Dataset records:
=-=-=-=-=

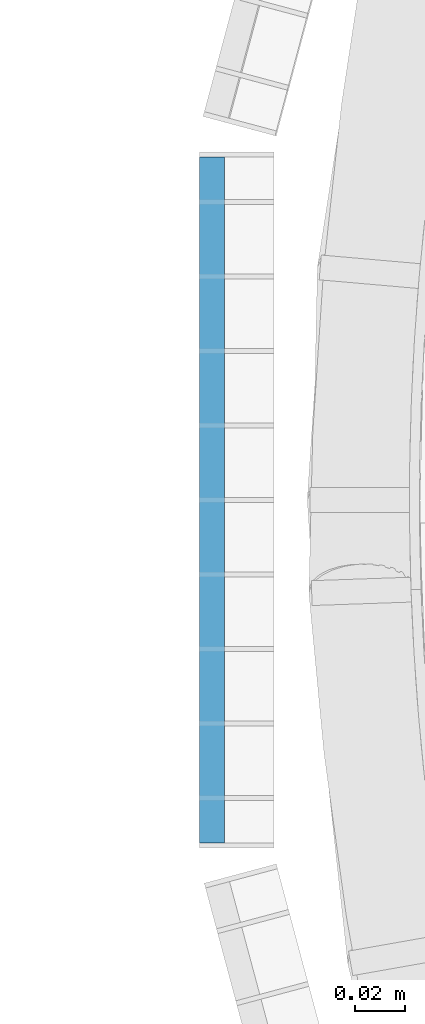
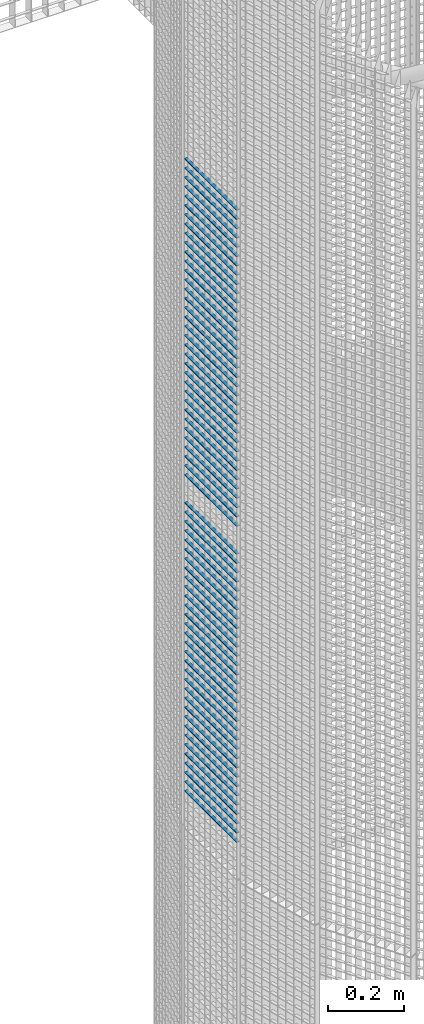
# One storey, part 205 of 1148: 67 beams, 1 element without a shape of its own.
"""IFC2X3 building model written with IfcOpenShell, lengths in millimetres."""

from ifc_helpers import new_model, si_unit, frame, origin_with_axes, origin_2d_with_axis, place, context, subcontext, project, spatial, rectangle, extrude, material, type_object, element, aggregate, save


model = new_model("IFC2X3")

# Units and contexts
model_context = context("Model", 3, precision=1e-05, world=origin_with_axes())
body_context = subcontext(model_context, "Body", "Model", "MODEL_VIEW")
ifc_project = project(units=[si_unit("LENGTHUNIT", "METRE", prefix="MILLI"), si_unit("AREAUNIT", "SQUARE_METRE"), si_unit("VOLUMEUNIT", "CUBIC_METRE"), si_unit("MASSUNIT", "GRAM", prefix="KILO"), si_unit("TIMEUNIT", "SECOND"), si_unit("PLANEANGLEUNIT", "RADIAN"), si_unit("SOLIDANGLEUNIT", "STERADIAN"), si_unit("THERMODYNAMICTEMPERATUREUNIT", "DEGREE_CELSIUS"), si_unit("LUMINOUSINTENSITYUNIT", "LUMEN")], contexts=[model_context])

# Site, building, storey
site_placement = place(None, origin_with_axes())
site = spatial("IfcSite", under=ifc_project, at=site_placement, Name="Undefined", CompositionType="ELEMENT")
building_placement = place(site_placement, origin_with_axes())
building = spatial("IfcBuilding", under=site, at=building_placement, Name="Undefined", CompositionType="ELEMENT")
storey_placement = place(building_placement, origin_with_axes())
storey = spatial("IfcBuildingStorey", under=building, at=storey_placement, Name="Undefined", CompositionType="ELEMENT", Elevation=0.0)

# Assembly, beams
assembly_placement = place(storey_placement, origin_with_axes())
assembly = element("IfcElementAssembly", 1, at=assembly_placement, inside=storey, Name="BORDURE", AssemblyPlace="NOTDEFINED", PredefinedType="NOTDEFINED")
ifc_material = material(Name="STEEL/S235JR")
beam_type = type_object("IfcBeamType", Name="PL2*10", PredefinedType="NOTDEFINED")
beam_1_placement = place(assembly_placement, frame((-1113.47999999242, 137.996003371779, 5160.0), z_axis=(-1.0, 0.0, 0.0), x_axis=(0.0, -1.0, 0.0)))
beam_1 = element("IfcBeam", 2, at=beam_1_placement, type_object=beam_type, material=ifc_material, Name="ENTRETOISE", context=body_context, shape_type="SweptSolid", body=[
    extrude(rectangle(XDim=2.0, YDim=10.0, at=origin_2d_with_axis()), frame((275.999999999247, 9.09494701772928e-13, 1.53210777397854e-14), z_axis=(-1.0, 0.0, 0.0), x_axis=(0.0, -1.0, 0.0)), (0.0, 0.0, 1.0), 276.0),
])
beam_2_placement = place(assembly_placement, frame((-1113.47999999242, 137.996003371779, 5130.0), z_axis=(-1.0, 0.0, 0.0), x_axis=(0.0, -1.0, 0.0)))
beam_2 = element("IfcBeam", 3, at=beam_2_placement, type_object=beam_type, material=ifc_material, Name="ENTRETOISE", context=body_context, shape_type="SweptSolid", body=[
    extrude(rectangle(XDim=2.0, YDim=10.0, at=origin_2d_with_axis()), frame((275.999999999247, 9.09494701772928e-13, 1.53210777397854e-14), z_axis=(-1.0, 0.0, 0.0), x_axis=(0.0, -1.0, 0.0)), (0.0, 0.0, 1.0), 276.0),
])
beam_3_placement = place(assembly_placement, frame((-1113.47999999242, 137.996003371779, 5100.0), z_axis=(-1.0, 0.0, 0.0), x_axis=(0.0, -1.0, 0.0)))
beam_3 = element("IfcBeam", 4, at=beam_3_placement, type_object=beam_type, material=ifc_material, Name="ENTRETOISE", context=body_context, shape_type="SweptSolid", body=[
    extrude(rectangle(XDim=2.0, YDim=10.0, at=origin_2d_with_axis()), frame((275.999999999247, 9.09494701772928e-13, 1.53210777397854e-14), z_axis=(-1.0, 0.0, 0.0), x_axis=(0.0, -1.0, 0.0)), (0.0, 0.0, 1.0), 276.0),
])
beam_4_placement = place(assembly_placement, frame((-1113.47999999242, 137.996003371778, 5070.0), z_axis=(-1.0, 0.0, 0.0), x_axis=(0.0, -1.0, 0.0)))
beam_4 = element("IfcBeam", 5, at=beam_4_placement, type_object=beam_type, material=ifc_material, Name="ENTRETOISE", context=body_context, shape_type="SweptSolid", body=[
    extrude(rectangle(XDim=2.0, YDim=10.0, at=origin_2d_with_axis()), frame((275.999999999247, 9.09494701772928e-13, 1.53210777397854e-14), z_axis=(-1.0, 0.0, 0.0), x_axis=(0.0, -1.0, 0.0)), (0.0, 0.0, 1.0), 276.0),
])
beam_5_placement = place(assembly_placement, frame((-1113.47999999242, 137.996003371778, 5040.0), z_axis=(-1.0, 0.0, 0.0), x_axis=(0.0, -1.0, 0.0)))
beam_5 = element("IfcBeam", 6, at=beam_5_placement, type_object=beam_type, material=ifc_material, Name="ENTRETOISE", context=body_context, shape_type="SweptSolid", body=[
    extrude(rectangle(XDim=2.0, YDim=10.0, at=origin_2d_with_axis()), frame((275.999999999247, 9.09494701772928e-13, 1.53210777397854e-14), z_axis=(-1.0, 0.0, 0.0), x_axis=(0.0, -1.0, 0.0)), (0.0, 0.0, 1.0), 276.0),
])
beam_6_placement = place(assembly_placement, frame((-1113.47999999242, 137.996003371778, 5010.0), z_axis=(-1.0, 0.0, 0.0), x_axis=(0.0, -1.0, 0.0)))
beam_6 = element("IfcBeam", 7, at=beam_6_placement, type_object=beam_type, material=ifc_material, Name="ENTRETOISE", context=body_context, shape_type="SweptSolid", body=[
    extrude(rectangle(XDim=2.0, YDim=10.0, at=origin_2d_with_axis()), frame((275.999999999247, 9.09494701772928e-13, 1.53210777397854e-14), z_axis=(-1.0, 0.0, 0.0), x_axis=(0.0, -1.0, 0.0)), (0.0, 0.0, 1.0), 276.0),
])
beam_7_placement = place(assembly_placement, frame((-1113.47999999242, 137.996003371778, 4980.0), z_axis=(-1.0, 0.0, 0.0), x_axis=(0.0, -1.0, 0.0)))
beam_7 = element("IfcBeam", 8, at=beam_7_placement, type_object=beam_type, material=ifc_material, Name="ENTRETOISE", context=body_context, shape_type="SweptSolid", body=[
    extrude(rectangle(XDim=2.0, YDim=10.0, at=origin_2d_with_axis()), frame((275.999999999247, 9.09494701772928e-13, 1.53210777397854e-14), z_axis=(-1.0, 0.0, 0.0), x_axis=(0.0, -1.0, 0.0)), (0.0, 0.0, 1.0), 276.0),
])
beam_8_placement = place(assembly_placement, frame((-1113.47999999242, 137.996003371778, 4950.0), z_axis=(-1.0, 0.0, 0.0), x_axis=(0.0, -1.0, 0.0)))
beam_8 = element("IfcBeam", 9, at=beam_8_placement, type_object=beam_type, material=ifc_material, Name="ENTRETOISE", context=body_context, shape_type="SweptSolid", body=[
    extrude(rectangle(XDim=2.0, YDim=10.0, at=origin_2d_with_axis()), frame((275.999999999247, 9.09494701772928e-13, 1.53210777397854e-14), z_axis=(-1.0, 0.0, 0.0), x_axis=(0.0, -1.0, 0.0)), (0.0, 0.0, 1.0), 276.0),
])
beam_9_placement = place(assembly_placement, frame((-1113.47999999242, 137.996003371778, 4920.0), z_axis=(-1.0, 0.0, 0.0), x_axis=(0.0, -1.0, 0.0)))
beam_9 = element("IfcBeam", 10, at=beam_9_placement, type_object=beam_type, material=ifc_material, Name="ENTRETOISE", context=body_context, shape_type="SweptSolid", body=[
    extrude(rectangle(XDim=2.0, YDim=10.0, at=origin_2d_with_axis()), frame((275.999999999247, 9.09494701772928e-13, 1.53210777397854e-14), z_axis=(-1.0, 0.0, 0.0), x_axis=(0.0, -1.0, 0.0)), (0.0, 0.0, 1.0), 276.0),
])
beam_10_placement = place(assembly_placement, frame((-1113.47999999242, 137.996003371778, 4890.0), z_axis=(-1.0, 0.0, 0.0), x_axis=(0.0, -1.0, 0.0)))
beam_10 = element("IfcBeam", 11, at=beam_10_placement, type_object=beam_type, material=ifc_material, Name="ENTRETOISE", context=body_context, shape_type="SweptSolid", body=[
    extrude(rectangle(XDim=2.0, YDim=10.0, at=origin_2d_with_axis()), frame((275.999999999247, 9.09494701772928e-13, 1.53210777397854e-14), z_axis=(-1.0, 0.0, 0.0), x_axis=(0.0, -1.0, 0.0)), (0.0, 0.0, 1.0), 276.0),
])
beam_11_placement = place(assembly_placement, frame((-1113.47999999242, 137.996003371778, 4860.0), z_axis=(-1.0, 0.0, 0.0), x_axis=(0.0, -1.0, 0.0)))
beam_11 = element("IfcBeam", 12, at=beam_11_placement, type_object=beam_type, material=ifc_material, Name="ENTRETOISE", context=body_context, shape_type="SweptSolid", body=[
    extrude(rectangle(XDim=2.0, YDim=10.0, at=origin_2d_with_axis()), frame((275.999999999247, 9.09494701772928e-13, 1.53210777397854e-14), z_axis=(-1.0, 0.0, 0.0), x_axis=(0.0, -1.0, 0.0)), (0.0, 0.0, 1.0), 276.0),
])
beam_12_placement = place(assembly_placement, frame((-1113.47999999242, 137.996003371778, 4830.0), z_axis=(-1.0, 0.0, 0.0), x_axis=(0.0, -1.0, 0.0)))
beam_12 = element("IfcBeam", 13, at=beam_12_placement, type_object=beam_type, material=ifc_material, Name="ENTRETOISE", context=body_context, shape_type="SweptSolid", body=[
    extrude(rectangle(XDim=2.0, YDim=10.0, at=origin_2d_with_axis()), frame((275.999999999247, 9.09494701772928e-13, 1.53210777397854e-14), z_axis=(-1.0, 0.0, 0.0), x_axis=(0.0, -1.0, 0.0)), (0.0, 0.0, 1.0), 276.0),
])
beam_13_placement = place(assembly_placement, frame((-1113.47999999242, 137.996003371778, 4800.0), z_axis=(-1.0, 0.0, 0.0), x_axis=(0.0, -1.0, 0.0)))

=-=-=-=-=

Task statement: Return each full line of the entries that contains the word "CompositionType".

Answer to the exercise:
site = spatial("IfcSite", under=ifc_project, at=site_placement, Name="Undefined", CompositionType="ELEMENT")
building = spatial("IfcBuilding", under=site, at=building_placement, Name="Undefined", CompositionType="ELEMENT")
storey = spatial("IfcBuildingStorey", under=building, at=storey_placement, Name="Undefined", CompositionType="ELEMENT", Elevation=0.0)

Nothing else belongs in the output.